С другого конца света ему вторит антрополог Маргарет Дарем, описывая случай в албанском племени, которое обычно соблюдало принципы соразмерной мести:
В феврале 1912 года мне рассказали об удивительном случае правосудия «оптом». Некая семья из рода Фанди-байрак, известная грабежами, перестрелками и прочим лиходейством, считалась настоящей язвой на теле племени. Общее собрание приговорило мужчин этой семьи к смерти, их решили подстеречь и перестрелять. В оговоренный день было убито семнадцать человек. Одному их них было всего пять лет, другому — двенадцать. Я возмутилась убийством невинных детей, но мне сказали: «Дурные побеги надо выпалывать с корнем». Вера в наследственность была так сильна, что намеревались даже убить несчастную беременную женщину, чтобы она не родила вдруг мальчика и не возобновила вражду[845].

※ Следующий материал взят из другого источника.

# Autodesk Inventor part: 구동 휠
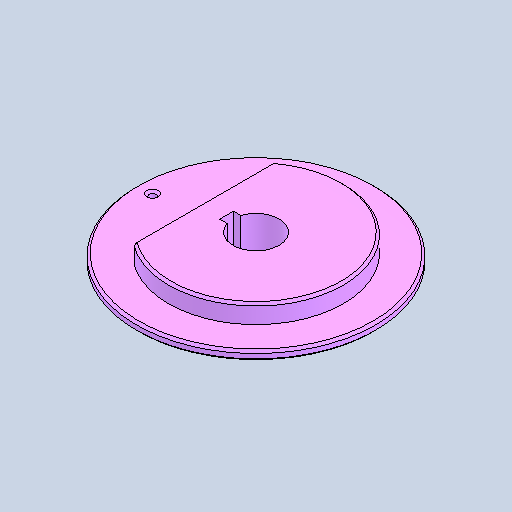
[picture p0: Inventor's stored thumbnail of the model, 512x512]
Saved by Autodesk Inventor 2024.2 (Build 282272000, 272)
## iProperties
Created: 2025-09
Part Number: 구동 휠
Material: 강철, 연강
Document SubType Name: Modeling
Designer: home
Density: 7.85 g/cm^3
Appearance: 기본값
Author: jhkim
Sending System: Autodesk Inventor 2026
Preprocessor: ST-DEVELOPER v20.1
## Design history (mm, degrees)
feature "솔리드1"
node "솔리드2"
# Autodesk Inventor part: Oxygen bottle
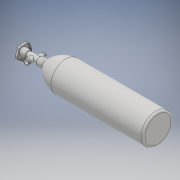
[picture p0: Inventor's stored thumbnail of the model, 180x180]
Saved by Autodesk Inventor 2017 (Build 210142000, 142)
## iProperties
Created: 2020-03
Part Number: Oxygen bottle
Material: Generic
Document SubType Name: Modeling
Designer: user
Density: 1 g/cm^3
Appearance: Default
Author: user
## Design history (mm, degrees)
sketch "Sketch1"
  geometry: L1 (0, 0)-(0, 65); L2 (10, 75)-(461.493, 75); L3 (560, 20)-(560, 0); L4 (560, 0)-(0, 0); A1 r 146.454 centre (444.859, -70.506) between (560, 20) and (461.493, 75); A2 r 10 centre (10, 65) between (10, 75) and (0, 65); 1 further point
  constraints: 8 end point, 4 point on circle, 3 perpendicular, 2 centre point, 2 point on line, 2 tangent, 1 vertical
  dimensions: "d0" = 75 distance of L1.start point (0, 75); "d2" = 560 distance from line of point (0, 75) L3; "d6" = 10 radius of A2; "d8" = 20 distance of L3.start L3.end
revolve "Revolution1" sketch "Sketch1" stored, may be unused: angle "d7" = 90 deg
sketch "Sketch2"
  geometry: C1 r 20 at (0, 0); C2 r 20 at (0, 0) reference; 1 further point
  constraints: 1 centre point, 1 coincident, 1 concentric
extrude "Extrusion1" join sketch "Sketch2" distance "d9" = 30; taper "d10" = 0 deg
workplane "Work Plane1"
sketch "Sketch3"
  geometry: C1 r 16 at (0, 0); 1 further point
  constraints: 1 centre point, 1 coincident
  dimensions: "d12" = 32 diameter of C1
loft "Loft1" sketch "Sketch3" dims "d13" = 10, "d14" = 90 deg, "d15" = 0, "d16" = 90 deg
  node "Edges1"
sketch "Sketch4"
  geometry: C1 r 14 at (0, 0); 1 further point
  constraints: 1 centre point, 1 coincident
  dimensions: "d17" = 28 diameter of C1
extrude "Extrusion2" join sketch "Sketch4" distance "d18" = 55; taper "d19" = 0 deg
sketch "Sketch5"
  geometry: C1 r 11.646 at (607.574, 0); 1 further point
  constraints: 1 centre point
extrude "Extrusion3" join sketch "Sketch5" distance "d20" = 30; taper "d21" = 0 deg
sketch "Sketch6"
  geometry: C1 r 12.412 at (620.618, 0); 1 further point
  constraints: 1 centre point
extrude "Extrusion4" join sketch "Sketch6" distance "d22" = 40; taper "d23" = 0 deg
sketch "Sketch7"
  geometry: C1 r 17.5 at (0, 0); 1 further point
  constraints: 1 centre point, 1 coincident
  dimensions: "d24" = 35 diameter of C1
extrude "Extrusion5" join sketch "Sketch7" distance "d25" = 20; taper "d26" = 0 deg
sketch "Sketch8"
  geometry: L1 (-35.907, 7.641)-(-18.363, 31.789); L2 (-3.829, 36.511)-(24.558, 27.288); L3 (33.541, 14.924)-(33.541, -14.924); L4 (24.558, -27.288)-(-3.829, -36.511); L5 (-18.363, -31.789)-(-35.907, -7.641); C1 r 14 at (0, 0) reference; A1 r 13 centre (-7.846, -24.147) between (-18.363, -31.789) and (-3.829, -36.511); A2 r 13 centre (20.541, -14.924) between (24.558, -27.288) and (33.541, -14.924); A3 r 13 centre (20.541, 14.924) between (33.541, 14.924) and (24.558, 27.288); A4 r 13 centre (-7.846, 24.147) between (-3.829, 36.511) and (-18.363, 31.789); A5 r 13 centre (-25.39, 0) between (-35.907, 7.641) and (-35.907, -7.641); 7 further points
  constraints: 10 end point, 10 point on circle, 10 point on line, 10 tangent, 5 centre point, 4 equal radius, 1 coincident, 11 other
  dimensions: "d27" = 75 distance from line of L3 point (-41.459, 0); "d28" = 13 radius of A1
extrude "Extrusion6" join sketch "Sketch8" distance "d29" = 12; taper "d30" = 0 deg
shell "Shell1" dims "d31" = 3
sketch "Sketch9"
  geometry: C1 r 14.5 at (0, 0) reference; C2 r 17.5 at (0, 0); 1 further point
  constraints: 1 centre point, 1 coincident
extrude "Extrusion7" join sketch "Sketch9" stored distance "d32" = 12; taper "d33" = 0 deg
fillet "Fillet1" dims "d34" = 3
sketch "Sketch10"
  geometry: C1 r 6.35 at (0, 0); 1 further point
  constraints: 1 centre point
  dimensions: "d35" = 12.7 diameter of C1
extrude "Extrusion8" join sketch "Sketch10" distance "d36" = 12; taper "d37" = 0 deg
fillet "Fillet2" dims "d38" = 1.5
thread "Thread1" dims "d39" = 7, "d40" = 0
sketch "Sketch11"
  geometry: C1 r 5.5 at (0, 0); 1 further point
  constraints: 1 centre point
  dimensions: "d41" = 11 diameter of C1
extrude "Extrusion9" cut sketch "Sketch11" distance "d42" = 12; taper "d43" = 0 deg
thread "Thread2" dims "d44" = 15, "d45" = 0
sketch "Sketch12"
  geometry: C1 r 10.281 at (0, 0); 1 further point
  constraints: 1 centre point
extrude "Extrusion10" cut sketch "Sketch12" distance "d46" = 40; taper "d47" = 0 deg
body "Solid1"
other parameters: "d11" = 4

Эссенциалистское представление о «дурных побегах» — одна из нескольких биологических метафор, вдохновленных страхом мести со стороны потомков. Люди понимают, что, если оставят в живых хоть парочку побежденных врагов, те могут расплодиться и создать проблемы их детям и внукам. Человеческий ум часто работает по аналогии, и образ клубка неприятных размножающихся существ постоянно приводит на ум концепцию вредителей[846]. Исполнители геноцида по всему миру продолжают заново изобретать все ту же метафору, давно ставшую клише. Заклятых врагов называют крысами, змеями, червяками, гнидами, навозными мухами, паразитами, тараканами или (там, где они являются вредителями) обезьянами, бабуинами и собаками[847]. «Раздавите гнид и избавитесь от вшей», — писал английский военачальник в 1641 г., оправдывая приказ уничтожить тысячи ирландских католиков[848]. «Из гниды появляется вша», — напоминает глава калифорнийских поселенцев в 1856 г., перед тем как вырезать 240 индейцев племени юки в качестве мести за убитую лошадь[849]. «Гниды станут вшами», — говорит полковник Джон Чивингтон в 1864 г. перед бойней на Сэнд-Крик, в которой погибли сотни индейцев шайеннов и арапахо[850]. Язвы, рак, бактерии, вирусы и другие зловредные биологические агенты тоже используются в качестве фигуры речи в поэтике геноцида. В случае с евреями Гитлер не ограничился одной метафорой, но все они были биологическими: евреи — вирус, евреи — кровососущие паразиты, евреи — нечистая раса, евреи — ядовитое семя[851].